One of the best techniques for any bodybuilder wanting to build slabs of muscle along with power and strength is the training technique called RPT (Rest Pause Training). The first person to popularize the rest pause technique was the great bodybuilding enthusiasts and inventor of the nautilus machines Arthur Jones and later was further popularized by the lat great Mike Mentzer. The technique works wonders because of the intensity it generates and also the fact that it is so time constructive one can complete a chest workout in 15 minutes or so with this style of training. Mike Mentzer thought so highly of the technique that he stated "Looking back over my career and analyzing my training methods that yielded the best results, i can readily state that rest pause training was one of the most productive".
There are lots of different styles today on using rest pause training. For example Mike Mentzer had his own style while the current style of training Doggcrapp invented by Dante has a really affective style also. This is the general feel for a rest pause set. The bodybuilder performs a set to positive failure he then racks the weight, rests 10 seconds and then performs a second set again to maximum failure on the positive concentric portion of the lift. After the second set the weight is put down and again the bodybuilder rests another 10 seconds and performs another set to positive failure. On the third set the bodybuilders strength will of dramatically reduced because of the intensity of the technique. It is best to go for four sets in the rest pause technique usually shooting for around 3-4 reps on each set. Clearly if one is aiming for 3-4 reps on each set the weight will be fixed at quite a heavy weight (relative to the bodybuilders strength). If the bodybuilder cannot complete the whole 3-4 reps his training partner should assist him in completing the set with forced reps.

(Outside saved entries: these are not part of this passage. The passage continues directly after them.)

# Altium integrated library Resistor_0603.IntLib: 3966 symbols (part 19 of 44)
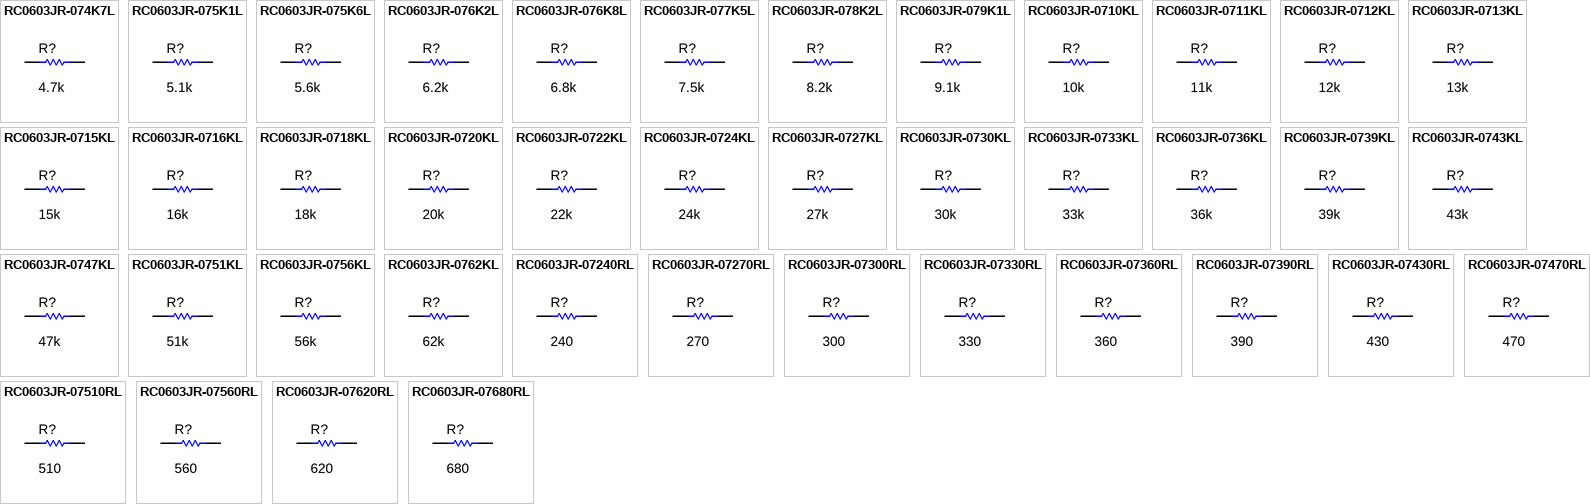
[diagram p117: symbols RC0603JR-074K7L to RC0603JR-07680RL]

## RC0603JR-0736KL
designator R?  ValueDisplayed: 36k  (hidden comment: RC0603JR-0736KL)
RES, 36 k, 5%, 0.1 W, 0603; Manufacturer: Yageo America; CompType: Resistor; Value: 36k; Res_ohm: 36000; Value_Code: 36k0; Tolerance_%: 5; Power_W: 0.1; Value2: 0.1W; VDC_V: 50; TempCo: 100 ppm/C; SizeArea_mm2: 1.28; SizeX_mm: 1.6; SizeY_mm: 0.8; SizeZ_mm: 1; EIA_Code: E24; U/M: EA; AEC Category: Q200
signal-integrity model Resistor
simulation model Resistor
footprint 0603
footprint 0603M
footprint 0603L
footprint 0603_HV
footprint 0603S
pins: 1, 2

## RC0603JR-0739KL
designator R?  ValueDisplayed: 39k  (hidden comment: RC0603JR-0739KL)
RES, 39 k, 5%, 0.1 W, 0603; Manufacturer: Yageo America; CompType: Resistor; Value: 39k; Res_ohm: 39000; Value_Code: 39k0; Tolerance_%: 5; Power_W: 0.1; Value2: 0.1W; VDC_V: 50; TempCo: 100 ppm/C; SizeArea_mm2: 1.28; SizeX_mm: 1.6; SizeY_mm: 0.8; SizeZ_mm: 1; EIA_Code: E24; U/M: EA; AEC Category: Q200
signal-integrity model Resistor
simulation model Resistor
footprint 0603
footprint 0603M
footprint 0603L
footprint 0603_HV
footprint 0603S
pins: 1, 2

## RC0603JR-0743KL
designator R?  ValueDisplayed: 43k  (hidden comment: RC0603JR-0743KL)
RES, 43 k, 5%, 0.1 W, 0603; Manufacturer: Yageo America; CompType: Resistor; Value: 43k; Res_ohm: 43000; Value_Code: 43k0; Tolerance_%: 5; Power_W: 0.1; Value2: 0.1W; VDC_V: 50; TempCo: 100 ppm/C; SizeArea_mm2: 1.28; SizeX_mm: 1.6; SizeY_mm: 0.8; SizeZ_mm: 1; EIA_Code: E24; U/M: EA; AEC Category: Q200
signal-integrity model Resistor
simulation model Resistor
footprint 0603
footprint 0603M
footprint 0603L
footprint 0603_HV
footprint 0603S
pins: 1, 2

## RC0603JR-0747KL
designator R?  ValueDisplayed: 47k  (hidden comment: RC0603JR-0747KL)
RES, 47 k, 5%, 0.1 W, 0603; Manufacturer: Yageo America; CompType: Resistor; Value: 47k; Res_ohm: 47000; Value_Code: 47k0; Tolerance_%: 5; Power_W: 0.1; Value2: 0.1W; VDC_V: 50; TempCo: 100 ppm/C; SizeArea_mm2: 1.28; SizeX_mm: 1.6; SizeY_mm: 0.8; SizeZ_mm: 1; EIA_Code: E24; U/M: EA; AEC Category: Q200; Green_Lifecycle: Active; Green_REACh: Passed
signal-integrity model Resistor
simulation model Resistor
footprint 0603
footprint 0603M
footprint 0603L
footprint 0603_HV
footprint 0603S
pins: 1, 2

## RC0603JR-0751KL
designator R?  ValueDisplayed: 51k  (hidden comment: RC0603JR-0751KL)
RES, 51 k, 5%, 0.1 W, 0603; Manufacturer: Yageo America; CompType: Resistor; Value: 51k; Res_ohm: 51000; Value_Code: 51k0; Tolerance_%: 5; Power_W: 0.1; Value2: 0.1W; VDC_V: 50; TempCo: 100 ppm/C; SizeArea_mm2: 1.28; SizeX_mm: 1.6; SizeY_mm: 0.8; SizeZ_mm: 1; EIA_Code: E24; U/M: EA; AEC Category: Q200; Green_Lifecycle: Active; Green_REACh: Passed
signal-integrity model Resistor
simulation model Resistor
footprint 0603
footprint 0603M
footprint 0603L
footprint 0603_HV
footprint 0603S
pins: 1, 2

## RC0603JR-0756KL
designator R?  ValueDisplayed: 56k  (hidden comment: RC0603JR-0756KL)
RES, 56 k, 5%, 0.1 W, 0603; Manufacturer: Yageo America; CompType: Resistor; Value: 56k; Res_ohm: 56000; Value_Code: 56k0; Tolerance_%: 5; Power_W: 0.1; Value2: 0.1W; VDC_V: 50; TempCo: 100 ppm/C; SizeArea_mm2: 1.28; SizeX_mm: 1.6; SizeY_mm: 0.8; SizeZ_mm: 1; EIA_Code: E24; U/M: EA; AEC Category: Q200
signal-integrity model Resistor
simulation model Resistor
footprint 0603
footprint 0603M
footprint 0603L
footprint 0603_HV
footprint 0603S
pins: 1, 2

## RC0603JR-0762KL
designator R?  ValueDisplayed: 62k  (hidden comment: RC0603JR-0762KL)
RES, 62 k, 5%, 0.1 W, 0603; Manufacturer: Yageo America; CompType: Resistor; Value: 62k; Res_ohm: 62000; Value_Code: 62k0; Tolerance_%: 5; Power_W: 0.1; Value2: 0.1W; VDC_V: 50; TempCo: 100 ppm/C; SizeArea_mm2: 1.28; SizeX_mm: 1.6; SizeY_mm: 0.8; SizeZ_mm: 1; EIA_Code: E24; U/M: EA; AEC Category: Q200
signal-integrity model Resistor
simulation model Resistor
footprint 0603
footprint 0603M
footprint 0603L
footprint 0603_HV
footprint 0603S
pins: 1, 2

## RC0603JR-07240RL
designator R?  ValueDisplayed: 240  (hidden comment: RC0603JR-07240RL)
RES, 240, 5%, 0.1 W, 0603; Manufacturer: Yageo America; CompType: Resistor; Value: 240; Value_Code: 240R; Tolerance_%: 5; Power_W: 0.1; Value2: 0.1W; VDC_V: 50; TempCo: 100 ppm/C; SizeArea_mm2: 1.28; SizeX_mm: 1.6; SizeY_mm: 0.8; SizeZ_mm: 1; EIA_Code: E24; U/M: EA; AEC Category: Q200
signal-integrity model Resistor
simulation model Resistor
footprint 0603
footprint 0603M
footprint 0603L
footprint 0603_HV
footprint 0603S
pins: 1, 2

## RC0603JR-07270RL
designator R?  ValueDisplayed: 270  (hidden comment: RC0603JR-07270RL)
RES, 270, 5%, 0.1 W, 0603; Manufacturer: Yageo America; CompType: Resistor; Value: 270; Value_Code: 270R; Tolerance_%: 5; Power_W: 0.1; Value2: 0.1W; VDC_V: 50; TempCo: 100 ppm/C; SizeArea_mm2: 1.28; SizeX_mm: 1.6; SizeY_mm: 0.8; SizeZ_mm: 1; EIA_Code: E24; U/M: EA; AEC Category: Q200
signal-integrity model Resistor
simulation model Resistor
footprint 0603
footprint 0603M
footprint 0603L
footprint 0603_HV
footprint 0603S
pins: 1, 2

## RC0603JR-07300RL
designator R?  ValueDisplayed: 300  (hidden comment: RC0603JR-07300RL)
RES, 300, 5%, 0.1 W, 0603; Manufacturer: Yageo America; CompType: Resistor; Value: 300; Value_Code: 300R; Tolerance_%: 5; Power_W: 0.1; Value2: 0.1W; VDC_V: 50; TempCo: 100 ppm/C; SizeArea_mm2: 1.28; SizeX_mm: 1.6; SizeY_mm: 0.8; SizeZ_mm: 1; EIA_Code: E24; U/M: EA; AEC Category: Q200; Green_Lifecycle: Active; Green_REACh: Passed
signal-integrity model Resistor
simulation model Resistor
footprint 0603
footprint 0603M
footprint 0603L
footprint 0603_HV
footprint 0603S
pins: 1, 2

## RC0603JR-07330RL
designator R?  ValueDisplayed: 330  (hidden comment: RC0603JR-07330RL)
RES, 330, 5%, 0.1 W, 0603; Manufacturer: Yageo America; CompType: Resistor; Value: 330; Value_Code: 330R; Tolerance_%: 5; Power_W: 0.1; Value2: 0.1W; VDC_V: 50; TempCo: 100 ppm/C; SizeArea_mm2: 1.28; SizeX_mm: 1.6; SizeY_mm: 0.8; SizeZ_mm: 1; EIA_Code: E24; U/M: EA; AEC Category: Q200; Green_Lifecycle: Active; Green_REACh: Passed
signal-integrity model Resistor
simulation model Resistor
footprint 0603
footprint 0603M
footprint 0603L
footprint 0603_HV
footprint 0603S
pins: 1, 2

## RC0603JR-07360RL
designator R?  ValueDisplayed: 360  (hidden comment: RC0603JR-07360RL)
RES, 360, 5%, 0.1 W, 0603; Manufacturer: Yageo America; CompType: Resistor; Value: 360; Value_Code: 360R; Tolerance_%: 5; Power_W: 0.1; Value2: 0.1W; VDC_V: 50; TempCo: 100 ppm/C; SizeArea_mm2: 1.28; SizeX_mm: 1.6; SizeY_mm: 0.8; SizeZ_mm: 1; EIA_Code: E24; U/M: EA; AEC Category: Q200
signal-integrity model Resistor
simulation model Resistor
footprint 0603
footprint 0603M
footprint 0603L
footprint 0603_HV
footprint 0603S
pins: 1, 2

## RC0603JR-07390RL
designator R?  ValueDisplayed: 390  (hidden comment: RC0603JR-07390RL)
RES, 390, 5%, 0.1 W, 0603; Manufacturer: Yageo America; CompType: Resistor; Value: 390; Value_Code: 390R; Tolerance_%: 5; Power_W: 0.1; Value2: 0.1W; VDC_V: 50; TempCo: 100 ppm/C; SizeArea_mm2: 1.28; SizeX_mm: 1.6; SizeY_mm: 0.8; SizeZ_mm: 1; EIA_Code: E24; U/M: EA; AEC Category: Q200
signal-integrity model Resistor
simulation model Resistor
footprint 0603
footprint 0603M
footprint 0603L
footprint 0603_HV
footprint 0603S
pins: 1, 2

## RC0603JR-07430RL
designator R?  ValueDisplayed: 430  (hidden comment: RC0603JR-07430RL)
RES, 430, 5%, 0.1 W, 0603; Manufacturer: Yageo America; CompType: Resistor; Value: 430; Value_Code: 430R; Tolerance_%: 5; Power_W: 0.1; Value2: 0.1W; VDC_V: 50; TempCo: 100 ppm/C; SizeArea_mm2: 1.28; SizeX_mm: 1.6; SizeY_mm: 0.8; SizeZ_mm: 1; EIA_Code: E24; U/M: EA; AEC Category: Q200
signal-integrity model Resistor
simulation model Resistor
footprint 0603
footprint 0603M
footprint 0603L
footprint 0603_HV
footprint 0603S
pins: 1, 2

## RC0603JR-07470RL
designator R?  ValueDisplayed: 470  (hidden comment: RC0603JR-07470RL)
RES, 470, 5%, 0.1 W, 0603; Manufacturer: Yageo America; CompType: Resistor; Value: 470; Value_Code: 470R; Tolerance_%: 5; Power_W: 0.1; Value2: 0.1W; VDC_V: 50; TempCo: 100 ppm/C; SizeArea_mm2: 1.28; SizeX_mm: 1.6; SizeY_mm: 0.8; SizeZ_mm: 1; EIA_Code: E24; U/M: EA; AEC Category: Q200
signal-integrity model Resistor
simulation model Resistor
footprint 0603
footprint 0603M
footprint 0603L
footprint 0603_HV
footprint 0603S
pins: 1, 2

## RC0603JR-07510RL
designator R?  ValueDisplayed: 510  (hidden comment: RC0603JR-07510RL)
RES, 510, 5%, 0.1 W, 0603; Manufacturer: Yageo America; CompType: Resistor; Value: 510; Value_Code: 510R; Tolerance_%: 5; Power_W: 0.1; Value2: 0.1W; VDC_V: 50; TempCo: 100 ppm/C; SizeArea_mm2: 1.28; SizeX_mm: 1.6; SizeY_mm: 0.8; SizeZ_mm: 1; EIA_Code: E24; U/M: EA; AEC Category: Q200; Green_Lifecycle: Active; Green_REACh: Passed
signal-integrity model Resistor
simulation model Resistor
footprint 0603
footprint 0603M
footprint 0603L
footprint 0603_HV
footprint 0603S
pins: 1, 2

## RC0603JR-07560RL
designator R?  ValueDisplayed: 560  (hidden comment: RC0603JR-07560RL)
RES, 560, 5%, 0.1 W, 0603; Manufacturer: Yageo America; CompType: Resistor; Value: 560; Value_Code: 560R; Tolerance_%: 5; Power_W: 0.1; Value2: 0.1W; VDC_V: 50; TempCo: 100 ppm/C; SizeArea_mm2: 1.28; SizeX_mm: 1.6; SizeY_mm: 0.8; SizeZ_mm: 1; EIA_Code: E24; U/M: EA; AEC Category: Q200
signal-integrity model Resistor
simulation model Resistor
footprint 0603
footprint 0603M
footprint 0603L
footprint 0603_HV
footprint 0603S
pins: 1, 2

## RC0603JR-07620RL
designator R?  ValueDisplayed: 620  (hidden comment: RC0603JR-07620RL)
RES, 620, 5%, 0.1 W, 0603; Manufacturer: Yageo America; CompType: Resistor; Value: 620; Value_Code: 620R; Tolerance_%: 5; Power_W: 0.1; Value2: 0.1W; VDC_V: 50; TempCo: 100 ppm/C; SizeArea_mm2: 1.28; SizeX_mm: 1.6; SizeY_mm: 0.8; SizeZ_mm: 1; EIA_Code: E24; U/M: EA; AEC Category: Q200
signal-integrity model Resistor
simulation model Resistor
footprint 0603
footprint 0603M
footprint 0603L
footprint 0603_HV
footprint 0603S
pins: 1, 2

## RC0603JR-07680RL
designator R?  ValueDisplayed: 680  (hidden comment: RC0603JR-07680RL)
RES, 680, 5%, 0.1 W, 0603; Manufacturer: Yageo America; CompType: Resistor; Value: 680; Value_Code: 680R; Tolerance_%: 5; Power_W: 0.1; Value2: 0.1W; VDC_V: 50; TempCo: 100 ppm/C; SizeArea_mm2: 1.28; SizeX_mm: 1.6; SizeY_mm: 0.8; SizeZ_mm: 1; EIA_Code: E24; U/M: EA; AEC Category: Q200
signal-integrity model Resistor
simulation model Resistor
footprint 0603
footprint 0603M
footprint 0603L
footprint 0603_HV
footprint 0603S
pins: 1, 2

There are many ways of doing the rest pause technique and it really is an awesome technique. Please leave some comments if you want to further discuss the many types of rep ranges and sets one can use during a rest pause set. Be aware that the effort generated during a rest pause set will kill any starting of beginner bodybuilder,. even intermediate bodybuilders will struggle with the intensity and demand this type of technique has on the nervous system.
It is with word of warning that only advanced bodybuilders or those that have been training for around 4 years should try this technique. Because it requires sustained physical and neurological effort that only a highly developed muscle from years of training can produce.
If you do try the technique RPT please listen to your body maybe have 6 weeks on this style of training followed by a week off training. It really is superbly intense, while it is also superb at generating serious muscle gains and magnificent strength gains in the process.